# Channel LOGO's



## taboo80 (Jan 29, 2003)

I have 2 series 1 SAT-T60's both have 3.5 loaded. I did a "clear and delete everything" on one unit and lost the logos. Heres my question:

Are the slice files still there and the links are gone. If they are there is there a script I can use to restore them. If they are gone can they be copied from one unit to the other and linked. 

Taboo


----------



## taboo80 (Jan 29, 2003)

Any takers...........


----------



## Gunnyman (Jul 10, 2003)

if you did a C&D they're gone a C&D rebuilds the MFS partition and database and that's where that stuff lives..
You'll have to ftp the slices back and dbload them again.


----------



## taboo80 (Jan 29, 2003)

Thats what I have been trying to find out.......where are they located and how do you do a dbload?


----------



## Gunnyman (Jul 10, 2003)

floating on emule somewhere is a 67-logo.slice file
or somesuch.
download the logo slice then ftp it to tivo
then from bash do dbload filename from the directory the slice file was uploaded to.


----------



## taboo80 (Jan 29, 2003)

can i get it off my good working box and would you know where its located.


----------



## Gunnyman (Jul 10, 2003)

nope they aren't exportable as far as I know


----------



## taboo80 (Jan 29, 2003)

One last question.....what directory do they need to be in or will the dbload take care of that??

Taboo


----------



## Gunnyman (Jul 10, 2003)

dbload puts the logos where they need to go


----------



## PortlandPaw (Jan 11, 2004)

Look at this link for the definitive answer.


----------



## Gunnyman (Jul 10, 2003)

good call P Paw.

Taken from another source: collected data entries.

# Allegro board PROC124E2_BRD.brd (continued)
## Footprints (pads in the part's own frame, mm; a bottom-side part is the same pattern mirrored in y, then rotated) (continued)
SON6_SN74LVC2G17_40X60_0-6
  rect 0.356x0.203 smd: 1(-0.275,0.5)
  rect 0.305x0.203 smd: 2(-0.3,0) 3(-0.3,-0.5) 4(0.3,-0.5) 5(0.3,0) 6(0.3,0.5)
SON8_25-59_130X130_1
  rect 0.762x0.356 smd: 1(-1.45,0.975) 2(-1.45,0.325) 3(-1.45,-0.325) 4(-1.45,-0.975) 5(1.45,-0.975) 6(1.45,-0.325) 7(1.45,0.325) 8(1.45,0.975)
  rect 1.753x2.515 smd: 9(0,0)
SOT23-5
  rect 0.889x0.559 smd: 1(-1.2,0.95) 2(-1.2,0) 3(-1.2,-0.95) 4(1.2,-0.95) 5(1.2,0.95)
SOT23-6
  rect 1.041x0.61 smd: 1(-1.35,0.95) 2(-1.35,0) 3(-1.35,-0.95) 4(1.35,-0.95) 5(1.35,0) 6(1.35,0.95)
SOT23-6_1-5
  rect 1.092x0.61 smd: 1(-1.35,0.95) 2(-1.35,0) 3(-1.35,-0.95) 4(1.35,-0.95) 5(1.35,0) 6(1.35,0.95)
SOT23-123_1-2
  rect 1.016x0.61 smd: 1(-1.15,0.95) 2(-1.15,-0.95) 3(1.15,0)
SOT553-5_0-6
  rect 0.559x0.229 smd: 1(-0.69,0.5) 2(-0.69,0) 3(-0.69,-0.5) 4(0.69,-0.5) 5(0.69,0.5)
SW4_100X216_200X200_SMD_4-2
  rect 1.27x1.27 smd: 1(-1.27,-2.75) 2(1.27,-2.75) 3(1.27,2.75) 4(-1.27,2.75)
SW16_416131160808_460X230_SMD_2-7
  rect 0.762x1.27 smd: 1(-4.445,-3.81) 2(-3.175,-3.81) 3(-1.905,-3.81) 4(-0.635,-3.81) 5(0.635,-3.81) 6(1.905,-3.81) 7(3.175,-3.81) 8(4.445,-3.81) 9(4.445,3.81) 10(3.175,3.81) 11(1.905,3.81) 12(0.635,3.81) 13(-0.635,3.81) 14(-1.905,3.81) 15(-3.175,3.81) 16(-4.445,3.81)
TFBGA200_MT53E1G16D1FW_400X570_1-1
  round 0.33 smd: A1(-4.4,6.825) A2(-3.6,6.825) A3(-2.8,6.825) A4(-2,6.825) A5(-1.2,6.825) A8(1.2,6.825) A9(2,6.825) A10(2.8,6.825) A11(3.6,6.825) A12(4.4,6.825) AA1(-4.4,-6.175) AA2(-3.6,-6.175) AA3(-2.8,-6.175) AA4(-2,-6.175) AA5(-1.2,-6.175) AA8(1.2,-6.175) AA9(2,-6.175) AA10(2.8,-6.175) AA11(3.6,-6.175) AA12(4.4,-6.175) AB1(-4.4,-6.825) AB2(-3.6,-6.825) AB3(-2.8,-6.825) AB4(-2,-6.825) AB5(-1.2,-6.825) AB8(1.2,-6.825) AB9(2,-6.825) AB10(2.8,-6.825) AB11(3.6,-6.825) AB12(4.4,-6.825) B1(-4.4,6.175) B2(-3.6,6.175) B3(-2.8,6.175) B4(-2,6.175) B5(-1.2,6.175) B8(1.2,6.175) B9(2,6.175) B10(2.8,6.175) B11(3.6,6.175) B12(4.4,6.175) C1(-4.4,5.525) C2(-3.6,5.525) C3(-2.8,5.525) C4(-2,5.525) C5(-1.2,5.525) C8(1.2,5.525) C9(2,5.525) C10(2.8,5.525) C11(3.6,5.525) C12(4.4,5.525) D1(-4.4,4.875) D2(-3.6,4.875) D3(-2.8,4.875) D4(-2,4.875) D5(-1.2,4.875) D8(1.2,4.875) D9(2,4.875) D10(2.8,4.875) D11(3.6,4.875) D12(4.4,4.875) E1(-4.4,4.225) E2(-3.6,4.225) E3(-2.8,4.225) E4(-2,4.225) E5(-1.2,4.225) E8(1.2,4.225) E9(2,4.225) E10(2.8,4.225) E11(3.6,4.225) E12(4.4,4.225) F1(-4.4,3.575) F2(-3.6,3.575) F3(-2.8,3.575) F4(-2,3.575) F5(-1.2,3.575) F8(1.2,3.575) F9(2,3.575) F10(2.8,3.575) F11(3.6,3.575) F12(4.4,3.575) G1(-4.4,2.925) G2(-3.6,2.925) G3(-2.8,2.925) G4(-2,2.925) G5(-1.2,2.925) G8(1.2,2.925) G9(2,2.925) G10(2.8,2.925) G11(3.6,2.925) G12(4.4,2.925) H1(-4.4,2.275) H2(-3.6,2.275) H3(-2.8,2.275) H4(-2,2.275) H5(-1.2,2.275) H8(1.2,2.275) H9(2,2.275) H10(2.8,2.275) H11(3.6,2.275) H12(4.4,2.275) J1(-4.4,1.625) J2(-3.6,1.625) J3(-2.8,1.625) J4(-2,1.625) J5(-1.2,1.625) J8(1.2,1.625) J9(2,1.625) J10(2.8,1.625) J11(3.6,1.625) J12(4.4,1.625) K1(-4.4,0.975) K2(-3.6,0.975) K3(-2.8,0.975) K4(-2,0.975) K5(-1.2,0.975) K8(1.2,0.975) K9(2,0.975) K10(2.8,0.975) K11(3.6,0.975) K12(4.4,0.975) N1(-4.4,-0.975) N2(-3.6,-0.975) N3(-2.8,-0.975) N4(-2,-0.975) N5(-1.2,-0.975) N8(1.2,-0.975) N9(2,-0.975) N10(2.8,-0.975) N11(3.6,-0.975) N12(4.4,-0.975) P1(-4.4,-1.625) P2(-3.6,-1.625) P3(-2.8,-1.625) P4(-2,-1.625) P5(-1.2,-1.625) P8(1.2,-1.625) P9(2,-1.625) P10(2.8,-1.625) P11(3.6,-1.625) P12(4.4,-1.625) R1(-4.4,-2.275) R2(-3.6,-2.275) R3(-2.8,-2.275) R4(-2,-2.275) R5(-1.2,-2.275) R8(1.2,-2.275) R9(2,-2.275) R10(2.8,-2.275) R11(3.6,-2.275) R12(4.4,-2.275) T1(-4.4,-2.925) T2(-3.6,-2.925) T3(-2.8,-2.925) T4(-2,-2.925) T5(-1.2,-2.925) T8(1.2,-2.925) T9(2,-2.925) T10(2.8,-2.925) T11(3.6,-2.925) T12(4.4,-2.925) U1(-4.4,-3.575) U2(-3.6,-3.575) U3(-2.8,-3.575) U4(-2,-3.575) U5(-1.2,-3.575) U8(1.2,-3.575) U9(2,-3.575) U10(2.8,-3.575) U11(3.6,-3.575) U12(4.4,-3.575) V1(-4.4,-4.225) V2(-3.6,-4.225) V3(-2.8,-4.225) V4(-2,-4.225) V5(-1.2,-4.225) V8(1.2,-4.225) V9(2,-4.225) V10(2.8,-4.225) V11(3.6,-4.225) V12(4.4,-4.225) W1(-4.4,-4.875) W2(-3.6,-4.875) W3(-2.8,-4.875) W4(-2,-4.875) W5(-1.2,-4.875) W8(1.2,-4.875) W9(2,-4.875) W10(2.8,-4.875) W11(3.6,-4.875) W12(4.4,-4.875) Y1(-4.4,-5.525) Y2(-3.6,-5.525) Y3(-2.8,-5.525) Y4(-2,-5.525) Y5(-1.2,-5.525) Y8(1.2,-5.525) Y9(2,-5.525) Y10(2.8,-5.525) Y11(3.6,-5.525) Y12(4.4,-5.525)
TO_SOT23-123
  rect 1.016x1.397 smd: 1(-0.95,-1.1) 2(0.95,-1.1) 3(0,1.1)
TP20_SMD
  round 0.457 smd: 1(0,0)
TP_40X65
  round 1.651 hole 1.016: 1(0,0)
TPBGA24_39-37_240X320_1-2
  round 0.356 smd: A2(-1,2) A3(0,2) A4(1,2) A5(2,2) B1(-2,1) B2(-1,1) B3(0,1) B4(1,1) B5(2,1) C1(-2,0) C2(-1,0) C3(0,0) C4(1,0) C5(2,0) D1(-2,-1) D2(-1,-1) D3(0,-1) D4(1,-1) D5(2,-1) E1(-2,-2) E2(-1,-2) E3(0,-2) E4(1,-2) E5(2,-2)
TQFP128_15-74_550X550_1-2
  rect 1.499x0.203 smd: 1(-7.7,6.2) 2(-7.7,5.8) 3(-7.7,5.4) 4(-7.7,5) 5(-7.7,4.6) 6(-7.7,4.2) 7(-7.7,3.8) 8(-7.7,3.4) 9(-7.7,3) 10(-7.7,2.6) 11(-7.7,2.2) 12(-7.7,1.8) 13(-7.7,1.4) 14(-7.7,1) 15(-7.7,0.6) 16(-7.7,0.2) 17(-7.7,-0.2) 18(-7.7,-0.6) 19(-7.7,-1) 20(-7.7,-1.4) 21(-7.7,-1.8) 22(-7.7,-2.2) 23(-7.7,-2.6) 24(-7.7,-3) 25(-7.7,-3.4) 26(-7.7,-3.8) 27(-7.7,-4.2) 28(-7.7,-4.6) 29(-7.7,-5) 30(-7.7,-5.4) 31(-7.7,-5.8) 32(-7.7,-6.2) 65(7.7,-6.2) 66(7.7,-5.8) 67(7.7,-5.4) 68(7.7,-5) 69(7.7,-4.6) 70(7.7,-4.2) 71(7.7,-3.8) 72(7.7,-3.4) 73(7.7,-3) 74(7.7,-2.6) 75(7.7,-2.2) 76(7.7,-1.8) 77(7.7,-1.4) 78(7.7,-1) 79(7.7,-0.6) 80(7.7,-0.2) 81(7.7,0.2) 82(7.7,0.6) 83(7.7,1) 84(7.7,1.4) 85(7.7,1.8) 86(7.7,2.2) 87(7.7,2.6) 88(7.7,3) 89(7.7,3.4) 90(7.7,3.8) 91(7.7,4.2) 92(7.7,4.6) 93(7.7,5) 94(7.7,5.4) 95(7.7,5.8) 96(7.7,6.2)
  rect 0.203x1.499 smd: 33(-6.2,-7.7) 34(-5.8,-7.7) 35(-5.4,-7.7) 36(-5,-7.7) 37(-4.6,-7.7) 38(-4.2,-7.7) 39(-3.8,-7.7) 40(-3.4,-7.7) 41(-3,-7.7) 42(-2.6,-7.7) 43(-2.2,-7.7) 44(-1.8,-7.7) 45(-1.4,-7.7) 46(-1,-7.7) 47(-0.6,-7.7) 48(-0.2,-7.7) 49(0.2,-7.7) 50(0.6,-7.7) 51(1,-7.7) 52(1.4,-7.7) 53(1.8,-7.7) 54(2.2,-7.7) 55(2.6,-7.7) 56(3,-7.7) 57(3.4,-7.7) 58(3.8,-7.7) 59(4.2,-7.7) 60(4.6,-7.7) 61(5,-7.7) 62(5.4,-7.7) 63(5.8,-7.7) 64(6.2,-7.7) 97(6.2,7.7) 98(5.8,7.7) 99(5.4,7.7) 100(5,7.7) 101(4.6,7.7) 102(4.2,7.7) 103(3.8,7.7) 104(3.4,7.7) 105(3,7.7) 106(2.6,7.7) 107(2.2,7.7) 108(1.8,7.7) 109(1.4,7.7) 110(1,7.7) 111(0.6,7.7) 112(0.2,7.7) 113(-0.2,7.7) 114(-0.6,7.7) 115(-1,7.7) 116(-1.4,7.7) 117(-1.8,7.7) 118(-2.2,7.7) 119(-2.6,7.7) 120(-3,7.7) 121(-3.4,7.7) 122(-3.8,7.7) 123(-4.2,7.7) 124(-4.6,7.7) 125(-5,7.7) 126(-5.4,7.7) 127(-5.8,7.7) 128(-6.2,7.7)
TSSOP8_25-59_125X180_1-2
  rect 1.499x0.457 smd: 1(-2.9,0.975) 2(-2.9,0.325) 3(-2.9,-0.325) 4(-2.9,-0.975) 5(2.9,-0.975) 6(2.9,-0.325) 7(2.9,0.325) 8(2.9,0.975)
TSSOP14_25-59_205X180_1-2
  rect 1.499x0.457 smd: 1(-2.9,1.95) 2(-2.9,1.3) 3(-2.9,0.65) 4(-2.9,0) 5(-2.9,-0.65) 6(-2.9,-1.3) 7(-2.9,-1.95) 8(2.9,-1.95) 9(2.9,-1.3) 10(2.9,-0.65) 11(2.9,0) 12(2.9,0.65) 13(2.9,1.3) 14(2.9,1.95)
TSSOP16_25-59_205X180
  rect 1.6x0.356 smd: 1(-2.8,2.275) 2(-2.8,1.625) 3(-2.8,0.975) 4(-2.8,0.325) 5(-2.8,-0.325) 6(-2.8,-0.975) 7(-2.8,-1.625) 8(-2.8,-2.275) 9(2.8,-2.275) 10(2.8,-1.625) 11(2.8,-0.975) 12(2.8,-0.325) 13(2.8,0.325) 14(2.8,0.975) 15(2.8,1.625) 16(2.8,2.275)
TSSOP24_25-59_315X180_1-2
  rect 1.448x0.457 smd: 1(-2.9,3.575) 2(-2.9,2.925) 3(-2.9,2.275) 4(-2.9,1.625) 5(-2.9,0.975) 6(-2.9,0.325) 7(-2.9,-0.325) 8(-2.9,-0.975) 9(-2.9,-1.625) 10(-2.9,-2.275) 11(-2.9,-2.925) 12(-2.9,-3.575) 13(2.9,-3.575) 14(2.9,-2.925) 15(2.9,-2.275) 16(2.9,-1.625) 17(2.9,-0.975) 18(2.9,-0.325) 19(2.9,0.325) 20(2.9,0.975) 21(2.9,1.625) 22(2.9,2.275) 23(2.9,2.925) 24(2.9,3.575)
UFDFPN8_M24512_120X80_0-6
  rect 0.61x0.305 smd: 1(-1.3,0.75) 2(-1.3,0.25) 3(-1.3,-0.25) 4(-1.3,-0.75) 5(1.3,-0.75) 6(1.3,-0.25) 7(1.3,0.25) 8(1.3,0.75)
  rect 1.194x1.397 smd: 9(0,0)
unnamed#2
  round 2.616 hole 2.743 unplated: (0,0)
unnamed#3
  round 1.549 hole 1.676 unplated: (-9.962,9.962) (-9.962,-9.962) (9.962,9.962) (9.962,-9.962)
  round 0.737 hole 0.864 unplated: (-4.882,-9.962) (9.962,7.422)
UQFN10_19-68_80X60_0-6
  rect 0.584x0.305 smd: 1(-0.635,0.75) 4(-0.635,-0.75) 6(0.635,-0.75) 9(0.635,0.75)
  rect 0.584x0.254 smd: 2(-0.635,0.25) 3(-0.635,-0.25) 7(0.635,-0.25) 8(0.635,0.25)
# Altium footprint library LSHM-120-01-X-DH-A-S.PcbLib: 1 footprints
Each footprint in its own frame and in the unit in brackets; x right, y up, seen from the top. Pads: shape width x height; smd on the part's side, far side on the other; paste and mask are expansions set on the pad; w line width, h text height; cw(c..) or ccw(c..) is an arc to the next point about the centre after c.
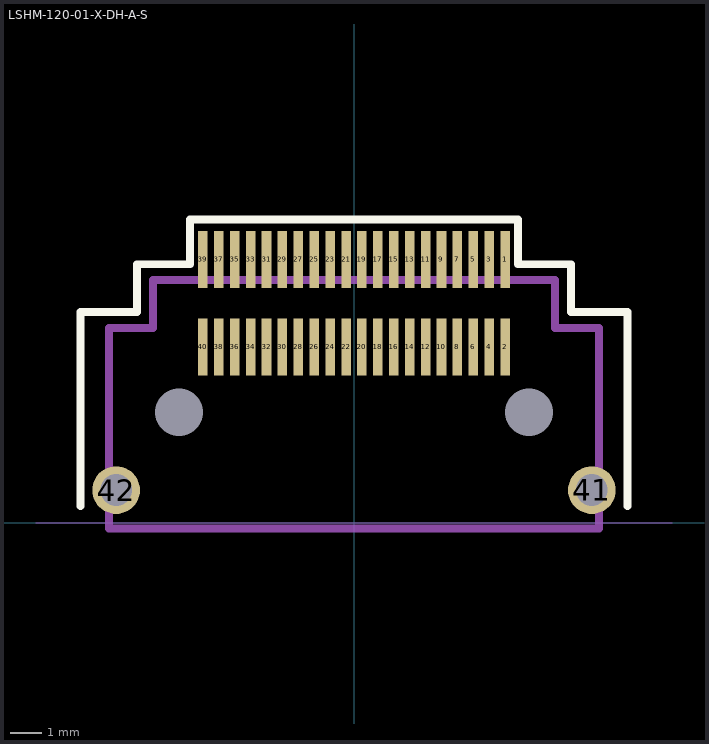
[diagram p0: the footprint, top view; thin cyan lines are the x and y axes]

## LSHM-120-01-X-DH-A-S [mm]
pads (44):
  rect 0.3x1.8 smd mask+0.05: 1(4.75,8.27) 2(4.75,5.52) 3(4.25,8.27) 4(4.25,5.52) 5(3.75,8.27) 6(3.75,5.52) 7(3.25,8.27) 8(3.25,5.52) 9(2.75,8.27) 10(2.75,5.52) 11(2.25,8.27) 12(2.25,5.52) 13(1.75,8.27) 14(1.75,5.52) 15(1.25,8.27) 16(1.25,5.52) 17(0.75,8.27) 18(0.75,5.52) 19(0.25,8.27) 20(0.25,5.52) 21(-0.25,8.27) 22(-0.25,5.52) 23(-0.75,8.27) 24(-0.75,5.52) 25(-1.25,8.27) 26(-1.25,5.52) 27(-1.75,8.27) 28(-1.75,5.52) 29(-2.25,8.27) 30(-2.25,5.52) 31(-2.75,8.27) 32(-2.75,5.52) 33(-3.25,8.27) 34(-3.25,5.52) 35(-3.75,8.27) 36(-3.75,5.52) 37(-4.25,8.27) 38(-4.25,5.52) 39(-4.75,8.27) 40(-4.75,5.52)
  round 1.5 hole 1 mask+0.075: 41(7.475,1.02) 42(-7.475,1.02)
  round 0 hole 1.5 unplated: 43(5.5,3.47) 44(-5.5,3.47)
Top Overlay:
  lines w0.25: -8.6,0.52 -8.6,6.62 -6.815,6.62 -6.815,8.12 -5.154,8.12 -5.154,9.52 5.154,9.52 5.154,8.12 6.815,8.12 6.815,6.62 8.6,6.62 8.6,0.52
Mechanical 1:
  lines w0.25: -7.7,-0.18 -7.7,6.12 -6.315,6.12 -6.315,7.62 6.315,7.62 6.315,6.12 7.7,6.12 7.7,-0.18 -7.7,-0.18
  text "J1" at -0.439,2.07 h0.75
Mechanical 16:
  lines w0.01: -10,0 10,0

I forgot that Russ included logos in that script. :up: :up:


----------



## taboo80 (Jan 29, 2003)

Thanks.................this works great.

Taboo


----------



## l2bengtrek (May 31, 2006)

Hey guys,

Lets pretend I have the faintest idea what the process is....but I need to restore the channel logos in my DSR708....who wants to be brave and tell me how this can be done....I'm a beginner so be gentle!


----------